*** Data supplied ***

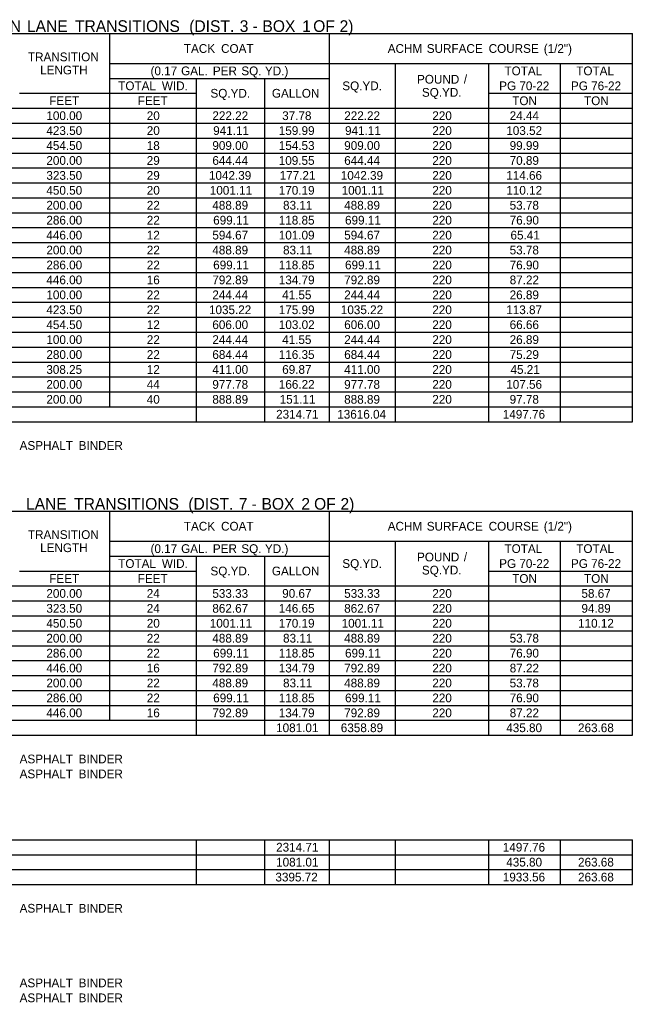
# Model space of a CAD drawing. Extents: x 544478 to 1930787, y -1948294 to 596640.
# Drawn here: x 548715 to 549135, y -1946843 to -1946169 of the extents above; entities that cross this region are included whole.
import ezdxf

# ---------------------------------------------------------------- set-up
doc = ezdxf.new("R2010")
doc.units = 0
doc.layers.add('Default', color=7, linetype='Continuous')

msp = doc.modelspace()

# ---------------------------------------------------------------- linework, layer by layer
at = {"layer": 'Default'}
for p, q in [((548361.91, -1946178.84), (549135.09, -1946178.84)), ((548361.91, -1946178.84), (549135.09, -1946178.84)), ((548776.78, -1946434.78), (548776.78, -1946178.84)), ((548927.41, -1946199.32), (548927.41, -1946178.84)), ((548927.41, -1946445.02), (548927.41, -1946178.84)), ((549135.09, -1946445.02), (549135.09, -1946178.84)), ((548776.78, -1946199.32), (549135.09, -1946199.32)), ((548927.41, -1946199.32), (549036.61, -1946199.32)), ((548972.75, -1946445.02), (548972.75, -1946199.32)), ((549036.61, -1946445.02), (549036.61, -1946199.32)), ((549085.85, -1946445.02), (549085.85, -1946199.32)), ((548776.78, -1946209.55), (548927.41, -1946209.55)), ((548836.25, -1946445.02), (548836.25, -1946209.55)), ((548883.05, -1946445.02), (548883.05, -1946209.55)), ((548714.86, -1946219.79), (548776.78, -1946219.79)), ((548714.86, -1946219.79), (548836.25, -1946219.79)), ((548836.25, -1946230.03), (548836.25, -1946219.79)), ((549036.61, -1946219.79), (549135.09, -1946219.79)), ((548361.91, -1946230.03), (549135.09, -1946230.03)), ((548836.25, -1946230.03), (548883.05, -1946230.03)), ((548883.05, -1946230.03), (549135.09, -1946230.03)), ((548577.88, -1946240.27), (549135.09, -1946240.27)), ((548577.88, -1946250.5), (549135.09, -1946250.5)), ((548361.91, -1946260.74), (549135.09, -1946260.74)), ((548577.88, -1946270.98), (549135.09, -1946270.98)), ((548577.88, -1946281.22), (549135.09, -1946281.22)), ((548361.91, -1946291.45), (549036.61, -1946291.45)), ((548714.86, -1946291.45), (548836.25, -1946291.45)), ((548836.25, -1946291.45), (549135.09, -1946291.45)), ((549036.61, -1946291.45), (549085.85, -1946291.45)), ((548577.88, -1946301.69), (549135.09, -1946301.69)), ((548577.88, -1946311.93), (549135.09, -1946311.93)), ((548361.91, -1946322.17), (549135.09, -1946322.17)), ((548577.88, -1946332.4), (549135.09, -1946332.4)), ((548577.88, -1946342.64), (549135.09, -1946342.64)), ((548361.91, -1946352.88), (549036.61, -1946352.88)), ((548714.86, -1946352.88), (548836.25, -1946352.88)), ((548836.25, -1946352.88), (549135.09, -1946352.88)), ((548577.88, -1946363.12), (549135.09, -1946363.12)), ((548577.88, -1946373.35), (549135.09, -1946373.35)), ((548361.91, -1946383.59), (549135.09, -1946383.59)), ((548577.88, -1946393.83), (549135.09, -1946393.83)), ((548577.88, -1946404.07), (549135.09, -1946404.07)), ((548361.91, -1946414.3), (549135.09, -1946414.3)), ((548577.88, -1946414.3), (549135.09, -1946414.3)), ((548524.25, -1946424.54), (549135.09, -1946424.54)), ((549036.61, -1946424.54), (549135.09, -1946424.54)), ((548361.91, -1946434.78), (549135.09, -1946434.78)), ((549036.61, -1946434.78), (549085.85, -1946434.78)), ((549085.85, -1946434.78), (549135.09, -1946434.78)), ((548361.91, -1946445.02), (549135.09, -1946445.02)), ((548361.91, -1946506.44), (549135.09, -1946506.44)), ((548361.91, -1946506.44), (549135.09, -1946506.44)), ((548776.78, -1946649.77), (548776.78, -1946506.44)), ((548927.41, -1946526.92), (548927.41, -1946506.44)), ((548927.41, -1946660), (548927.41, -1946506.44)), ((549135.09, -1946660), (549135.09, -1946506.44)), ((548776.78, -1946526.92), (549135.09, -1946526.92)), ((548927.41, -1946526.92), (549036.61, -1946526.92)), ((548972.75, -1946660), (548972.75, -1946526.92)), ((549036.61, -1946660), (549036.61, -1946526.92)), ((549085.85, -1946660), (549085.85, -1946526.92)), ((548776.78, -1946537.15), (548927.41, -1946537.15)), ((548836.25, -1946660), (548836.25, -1946537.15)), ((548883.05, -1946660), (548883.05, -1946537.15)), ((548714.86, -1946547.39), (548776.78, -1946547.39)), ((548714.86, -1946547.39), (548836.25, -1946547.39)), ((548836.25, -1946557.63), (548836.25, -1946547.39)), ((549036.61, -1946547.39), (549135.09, -1946547.39)), ((548361.91, -1946557.63), (549135.09, -1946557.63)), ((548836.25, -1946557.63), (548883.05, -1946557.63)), ((548883.05, -1946557.63), (549135.09, -1946557.63)), ((548577.88, -1946567.87), (549135.09, -1946567.87)), ((548577.88, -1946578.1), (548836.25, -1946578.1)), ((548577.88, -1946578.1), (548776.78, -1946578.1)), ((548776.78, -1946578.1), (549135.09, -1946578.1)), ((548361.91, -1946588.34), (549135.09, -1946588.34)), ((548577.88, -1946598.58), (549135.09, -1946598.58)), ((548577.88, -1946608.82), (548836.25, -1946608.82)), ((548577.88, -1946608.82), (548776.78, -1946608.82)), ((548776.78, -1946608.82), (549135.09, -1946608.82)), ((548361.91, -1946619.05), (549135.09, -1946619.05)), ((548577.88, -1946629.29), (549135.09, -1946629.29)), ((548577.88, -1946639.53), (548836.25, -1946639.53)), ((548577.88, -1946639.53), (548776.78, -1946639.53)), ((548776.78, -1946639.53), (549135.09, -1946639.53)), ((548361.91, -1946649.77), (549135.09, -1946649.77)), ((548361.91, -1946660), (549135.09, -1946660)), ((548361.91, -1946731.67), (549135.09, -1946731.67)), ((548361.91, -1946731.67), (549135.09, -1946731.67)), ((548836.25, -1946762.38), (548836.25, -1946731.67)), ((548883.05, -1946762.38), (548883.05, -1946731.67)), ((548927.41, -1946762.38), (548927.41, -1946731.67)), ((548972.75, -1946762.38), (548972.75, -1946731.67)), ((549036.61, -1946762.38), (549036.61, -1946731.67)), ((549085.85, -1946762.38), (549085.85, -1946731.67)), ((549135.09, -1946762.38), (549135.09, -1946731.67)), ((548361.91, -1946741.9), (549135.09, -1946741.9)), ((548361.91, -1946752.14), (549135.09, -1946752.14)), ((548361.91, -1946762.38), (549135.09, -1946762.38))]:
    msp.add_line(p, q, dxfattribs=at)

# ---------------------------------------------------------------- texts
for s, height, p in [(' MAIN', 8, (548686.12, -1946177.72)), (' LANE', 8, (548716.88, -1946177.72)), (' TRANSITIONS', 8, (548749.87, -1946177.72)), (' (DIST.', 8, (548828.19, -1946177.72)), (' 3', 8, (548862.81, -1946177.72)), (' -', 8, (548871.65, -1946177.72)), (' BOX', 8, (548878.39, -1946177.72)), (' 1', 8, (548905.71, -1946177.72)), (' OF', 8, (548913.21, -1946177.72)), (' 2)', 8, (548931.32, -1946177.72)), ('TACK', 6, (548827.5, -1946192.08)), (' COAT', 6, (548850.78, -1946192.08)), ('ACHM', 6, (548967.32, -1946192.08)), (' SURFACE', 6, (548991.87, -1946192.08)), (' COURSE', 6, (549034.31, -1946192.08)), (' (1/2")', 6, (549072.09, -1946192.08)), ('TRANSITION', 6, (548720.54, -1946197.82)), ('LENGTH', 6, (548728.91, -1946206.82)), ('(0.17', 6, (548804.65, -1946207.43)), (' GAL.', 6, (548823.38, -1946207.43)), (' PER', 6, (548845.16, -1946207.43)), (' SQ.', 6, (548864.68, -1946207.43)), (' YD.)', 6, (548880.88, -1946207.43)), ('TOTAL', 6, (549047.39, -1946207.43)), ('TOTAL', 6, (549096.62, -1946207.43)), ('POUND', 6, (548987.42, -1946213.17)), (' /', 6, (549017.28, -1946213.17)), ('TOTAL', 6, (548782.48, -1946217.67)), (' WID.', 6, (548810.17, -1946217.67)), ('SQ.YD.', 6, (548936.16, -1946217.67)), ('SQ.YD.', 6, (548990.76, -1946222.17)), ('PG', 6, (549043.76, -1946217.67)), (' 70-22', 6, (549055.37, -1946217.67)), ('PG', 6, (549093, -1946217.67)), (' 76-22', 6, (549104.6, -1946217.67)), ('FEET', 6, (548735.19, -1946227.91)), ('FEET', 6, (548795.88, -1946227.91)), ('SQ.YD.', 6, (548845.73, -1946222.79)), ('GALLON', 6, (548887.87, -1946222.79)), ('TON', 6, (549052.72, -1946227.91)), ('TON', 6, (549101.96, -1946227.91)), ('100.00', 6, (548733.21, -1946238.15)), ('20', 6, (548802.05, -1946238.15)), ('222.22', 6, (548847.06, -1946238.15)), ('37.78', 6, (548894.93, -1946238.15)), ('222.22', 6, (548937.49, -1946238.15)), ('220', 6, (548997.89, -1946238.15)), ('24.44', 6, (549050.95, -1946238.15)), ('423.50', 6, (548733.21, -1946248.38)), ('20', 6, (548802.05, -1946248.38)), ('941.11', 6, (548847.61, -1946248.38)), ('159.99', 6, (548892.6, -1946248.38)), ('941.11', 6, (548938.04, -1946248.38)), ('220', 6, (548997.89, -1946248.38)), ('103.52', 6, (549048.64, -1946248.38)), ('454.50', 6, (548733.21, -1946258.62)), ('18', 6, (548802.04, -1946258.62)), ('909.00', 6, (548847.04, -1946258.62)), ('154.53', 6, (548892.61, -1946258.62)), ('909.00', 6, (548937.47, -1946258.62)), ('220', 6, (548997.89, -1946258.62)), ('99.99', 6, (549050.93, -1946258.62)), ('200.00', 6, (548733.21, -1946268.86)), ('29', 6, (548802.04, -1946268.86)), ('644.44', 6, (548847.04, -1946268.86)), ('109.55', 6, (548892.58, -1946268.86)), ('644.44', 6, (548937.47, -1946268.86)), ('220', 6, (548997.89, -1946268.86)), ('70.89', 6, (549050.93, -1946268.86)), ('323.50', 6, (548733.21, -1946279.1)), ('29', 6, (548802.04, -1946279.1)), ('1042.39', 6, (548844.69, -1946279.1)), ('177.21', 6, (548893.19, -1946279.1)), ('1042.39', 6, (548935.12, -1946279.1)), ('220', 6, (548997.89, -1946279.1)), ('114.66', 6, (549048.61, -1946279.1)), ('450.50', 6, (548733.21, -1946289.33)), ('20', 6, (548802.05, -1946289.33)), ('1001.11', 6, (548845.28, -1946289.33)), ('170.19', 6, (548892.6, -1946289.33)), ('1001.11', 6, (548935.71, -1946289.33)), ('220', 6, (548997.89, -1946289.33)), ('110.12', 6, (549048.64, -1946289.33)), ('200.00', 6, (548733.21, -1946299.57)), ('22', 6, (548802.07, -1946299.57)), ('488.89', 6, (548847.02, -1946299.57)), ('83.11', 6, (548895.52, -1946299.57)), ('488.89', 6, (548937.45, -1946299.57)), ('220', 6, (548997.89, -1946299.57)), ('53.78', 6, (549050.93, -1946299.57)), ('286.00', 6, (548733.21, -1946309.81)), ('22', 6, (548802.07, -1946309.81)), ('699.11', 6, (548847.61, -1946309.81)), ('118.85', 6, (548892.58, -1946309.81)), ('699.11', 6, (548938.04, -1946309.81)), ('220', 6, (548997.89, -1946309.81)), ('76.90', 6, (549050.95, -1946309.81)), ('446.00', 6, (548733.21, -1946320.05)), ('12', 6, (548802.07, -1946320.05)), ('594.67', 6, (548847.03, -1946320.05)), ('101.09', 6, (548892.6, -1946320.05)), ('594.67', 6, (548937.46, -1946320.05)), ('220', 6, (548997.89, -1946320.05)), ('65.41', 6, (549051.52, -1946320.05)), ('200.00', 6, (548733.21, -1946330.28)), ('22', 6, (548802.07, -1946330.28)), ('488.89', 6, (548847.02, -1946330.28)), ('83.11', 6, (548895.52, -1946330.28)), ('488.89', 6, (548937.45, -1946330.28)), ('220', 6, (548997.89, -1946330.28)), ('53.78', 6, (549050.93, -1946330.28)), ('286.00', 6, (548733.21, -1946340.52)), ('22', 6, (548802.07, -1946340.52)), ('699.11', 6, (548847.61, -1946340.52)), ('118.85', 6, (548892.58, -1946340.52)), ('699.11', 6, (548938.04, -1946340.52)), ('220', 6, (548997.89, -1946340.52)), ('76.90', 6, (549050.95, -1946340.52)), ('446.00', 6, (548733.21, -1946350.76)), ('16', 6, (548802.04, -1946350.76)), ('792.89', 6, (548847.02, -1946350.76)), ('134.79', 6, (548892.6, -1946350.76)), ('792.89', 6, (548937.45, -1946350.76)), ('220', 6, (548997.89, -1946350.76)), ('87.22', 6, (549050.97, -1946350.76)), ('100.00', 6, (548733.21, -1946361)), ('22', 6, (548802.07, -1946361)), ('244.44', 6, (548847.04, -1946361)), ('41.55', 6, (548894.91, -1946361)), ('244.44', 6, (548937.47, -1946361)), ('220', 6, (548997.89, -1946361)), ('26.89', 6, (549050.93, -1946361)), ('423.50', 6, (548733.21, -1946371.23)), ('22', 6, (548802.07, -1946371.23)), ('1035.22', 6, (548844.73, -1946371.23)), ('175.99', 6, (548892.6, -1946371.23)), ('1035.22', 6, (548935.16, -1946371.23)), ('220', 6, (548997.89, -1946371.23)), ('113.87', 6, (549048.61, -1946371.23)), ('454.50', 6, (548733.21, -1946381.47)), ('12', 6, (548802.07, -1946381.47)), ('606.00', 6, (548847.04, -1946381.47)), ('103.02', 6, (548892.64, -1946381.47)), ('606.00', 6, (548937.47, -1946381.47)), ('220', 6, (548997.89, -1946381.47)), ('66.66', 6, (549050.94, -1946381.47)), ('100.00', 6, (548733.21, -1946391.71)), ('22', 6, (548802.07, -1946391.71)), ('244.44', 6, (548847.04, -1946391.71)), ('41.55', 6, (548894.91, -1946391.71)), ('244.44', 6, (548937.47, -1946391.71)), ('220', 6, (548997.89, -1946391.71)), ('26.89', 6, (549050.93, -1946391.71)), ('280.00', 6, (548733.21, -1946401.95)), ('22', 6, (548802.07, -1946401.95)), ('684.44', 6, (548847.04, -1946401.95)), ('116.35', 6, (548892.58, -1946401.95)), ('684.44', 6, (548937.47, -1946401.95)), ('220', 6, (548997.89, -1946401.95)), ('75.29', 6, (549050.93, -1946401.95)), ('308.25', 6, (548733.17, -1946412.18)), ('12', 6, (548802.07, -1946412.18)), ('411.00', 6, (548847.04, -1946412.18)), ('69.87', 6, (548894.94, -1946412.18)), ('411.00', 6, (548937.47, -1946412.18)), ('220', 6, (548997.89, -1946412.18)), ('45.21', 6, (549051.52, -1946412.18)), ('200.00', 6, (548733.21, -1946422.42)), ('44', 6, (548802.06, -1946422.42)), ('977.78', 6, (548847.02, -1946422.42)), ('166.22', 6, (548892.64, -1946422.42)), ('977.78', 6, (548937.45, -1946422.42)), ('220', 6, (548997.89, -1946422.42)), ('107.56', 6, (549048.61, -1946422.42)), ('200.00', 6, (548733.21, -1946432.66)), ('40', 6, (548802.05, -1946432.66)), ('888.89', 6, (548847.02, -1946432.66)), ('151.11', 6, (548893.19, -1946432.66)), ('888.89', 6, (548937.45, -1946432.66)), ('220', 6, (548997.89, -1946432.66)), ('97.78', 6, (549050.93, -1946432.66)), ('2314.71', 6, (548890.77, -1946442.9)), ('13616.04', 6, (548932.7, -1946442.9)), ('1497.76', 6, (549046.24, -1946442.9)), ('  ASPHALT', 6, (548710.4, -1946464.29)), (' BINDER', 6, (548753.1, -1946464.29)), (' LANE', 8, (548716.27, -1946505.32)), (' TRANSITIONS', 8, (548749.25, -1946505.32)), (' (DIST.', 8, (548827.57, -1946505.32)), (' 7', 8, (548862.19, -1946505.32)), (' BOX', 8, (548877.76, -1946505.32)), (' 2', 8, (548905.08, -1946505.32)), (' OF', 8, (548913.83, -1946505.32)), (' 2)', 8, (548931.94, -1946505.32)), (' -', 8, (548871.02, -1946505.32)), ('TRANSITION', 6, (548720.54, -1946525.42)), ('TACK', 6, (548827.5, -1946519.68)), (' COAT', 6, (548850.78, -1946519.68)), ('ACHM', 6, (548967.32, -1946519.68)), (' SURFACE', 6, (548991.87, -1946519.68)), (' COURSE', 6, (549034.31, -1946519.68)), (' (1/2")', 6, (549072.09, -1946519.68)), ('LENGTH', 6, (548728.91, -1946534.42)), ('(0.17', 6, (548804.65, -1946535.03)), (' GAL.', 6, (548823.38, -1946535.03)), (' PER', 6, (548845.16, -1946535.03)), (' SQ.', 6, (548864.68, -1946535.03)), (' YD.)', 6, (548880.88, -1946535.03)), ('TOTAL', 6, (549047.39, -1946535.03)), ('TOTAL', 6, (549096.62, -1946535.03)), ('TOTAL', 6, (548782.48, -1946545.27)), (' WID.', 6, (548810.17, -1946545.27)), ('SQ.YD.', 6, (548936.16, -1946545.27)), ('POUND', 6, (548987.42, -1946540.77)), (' /', 6, (549017.28, -1946540.77)), ('PG', 6, (549043.76, -1946545.27)), (' 70-22', 6, (549055.37, -1946545.27)), ('PG', 6, (549093, -1946545.27)), (' 76-22', 6, (549104.6, -1946545.27)), ('SQ.YD.', 6, (548845.73, -1946550.39)), ('GALLON', 6, (548887.87, -1946550.39)), ('SQ.YD.', 6, (548990.76, -1946549.77)), ('FEET', 6, (548735.19, -1946555.51)), ('FEET', 6, (548795.88, -1946555.51)), ('TON', 6, (549052.72, -1946555.51)), ('TON', 6, (549101.96, -1946555.51)), ('200.00', 6, (548733.21, -1946565.75)), ('24', 6, (548802.06, -1946565.75)), ('533.33', 6, (548847.03, -1946565.75)), ('90.67', 6, (548894.94, -1946565.75)), ('533.33', 6, (548937.46, -1946565.75)), ('220', 6, (548997.89, -1946565.75)), ('58.67', 6, (549100.17, -1946565.75)), ('323.50', 6, (548733.21, -1946575.98)), ('24', 6, (548802.06, -1946575.98)), ('862.67', 6, (548847.03, -1946575.98)), ('146.65', 6, (548892.58, -1946575.98)), ('862.67', 6, (548937.46, -1946575.98)), ('220', 6, (548997.89, -1946575.98)), ('94.89', 6, (549100.17, -1946575.98)), ('450.50', 6, (548733.21, -1946586.22)), ('20', 6, (548802.05, -1946586.22)), ('1001.11', 6, (548845.28, -1946586.22)), ('170.19', 6, (548892.6, -1946586.22)), ('1001.11', 6, (548935.71, -1946586.22)), ('220', 6, (548997.89, -1946586.22)), ('110.12', 6, (549097.88, -1946586.22)), ('200.00', 6, (548733.21, -1946596.46)), ('22', 6, (548802.07, -1946596.46)), ('488.89', 6, (548847.02, -1946596.46)), ('83.11', 6, (548895.52, -1946596.46)), ('488.89', 6, (548937.45, -1946596.46)), ('220', 6, (548997.89, -1946596.46)), ('53.78', 6, (549050.93, -1946596.46)), ('286.00', 6, (548733.21, -1946606.7)), ('22', 6, (548802.07, -1946606.7)), ('699.11', 6, (548847.61, -1946606.7)), ('118.85', 6, (548892.58, -1946606.7)), ('699.11', 6, (548938.04, -1946606.7)), ('220', 6, (548997.89, -1946606.7)), ('76.90', 6, (549050.95, -1946606.7)), ('446.00', 6, (548733.21, -1946616.93)), ('16', 6, (548802.04, -1946616.93)), ('792.89', 6, (548847.02, -1946616.93)), ('134.79', 6, (548892.6, -1946616.93)), ('792.89', 6, (548937.45, -1946616.93)), ('220', 6, (548997.89, -1946616.93)), ('87.22', 6, (549050.97, -1946616.93)), ('200.00', 6, (548733.21, -1946627.17)), ('22', 6, (548802.07, -1946627.17)), ('488.89', 6, (548847.02, -1946627.17)), ('83.11', 6, (548895.52, -1946627.17)), ('488.89', 6, (548937.45, -1946627.17)), ('220', 6, (548997.89, -1946627.17)), ('53.78', 6, (549050.93, -1946627.17)), ('286.00', 6, (548733.21, -1946637.41)), ('22', 6, (548802.07, -1946637.41)), ('699.11', 6, (548847.61, -1946637.41)), ('118.85', 6, (548892.58, -1946637.41)), ('699.11', 6, (548938.04, -1946637.41)), ('220', 6, (548997.89, -1946637.41)), ('76.90', 6, (549050.95, -1946637.41)), ('446.00', 6, (548733.21, -1946647.65)), ('16', 6, (548802.04, -1946647.65)), ('792.89', 6, (548847.02, -1946647.65)), ('134.79', 6, (548892.6, -1946647.65)), ('792.89', 6, (548937.45, -1946647.65)), ('220', 6, (548997.89, -1946647.65)), ('87.22', 6, (549050.97, -1946647.65)), ('1081.01', 6, (548890.77, -1946657.88)), ('6358.89', 6, (548935.13, -1946657.88)), ('435.80', 6, (549048.62, -1946657.88)), ('263.68', 6, (549097.84, -1946657.88)), ('  ASPHALT', 6, (548710.4, -1946679.28)), (' BINDER', 6, (548753.1, -1946679.28)), ('  ASPHALT', 6, (548710.4, -1946689.52)), (' BINDER', 6, (548753.1, -1946689.52)), ('2314.71', 6, (548890.77, -1946739.78)), ('1497.76', 6, (549046.24, -1946739.78)), ('1081.01', 6, (548890.77, -1946750.02)), ('435.80', 6, (549048.62, -1946750.02)), ('263.68', 6, (549097.84, -1946750.02)), ('3395.72', 6, (548890.3, -1946760.26)), ('1933.56', 6, (549046.24, -1946760.26)), ('263.68', 6, (549097.84, -1946760.26)), ('  ASPHALT', 6, (548710.4, -1946781.65)), (' BINDER', 6, (548753.1, -1946781.65)), ('  ASPHALT', 6, (548710.4, -1946832.84)), (' BINDER', 6, (548753.1, -1946832.84)), ('  ASPHALT', 6, (548710.4, -1946843.08)), (' BINDER', 6, (548753.1, -1946843.08))]:
    msp.add_text(s, height=height, dxfattribs=at).set_placement(p)

doc.saveas('drawing.dxf')

***

## Your instructions
An exact copy is needed of the lines from the start of the listing through the line with "import ezdxf", both end lines included and pictures excluded.

## The answer
# Model space of a CAD drawing. Extents: x 544478 to 1930787, y -1948294 to 596640.
# Drawn here: x 548715 to 549135, y -1946843 to -1946169 of the extents above; entities that cross this region are included whole.
import ezdxf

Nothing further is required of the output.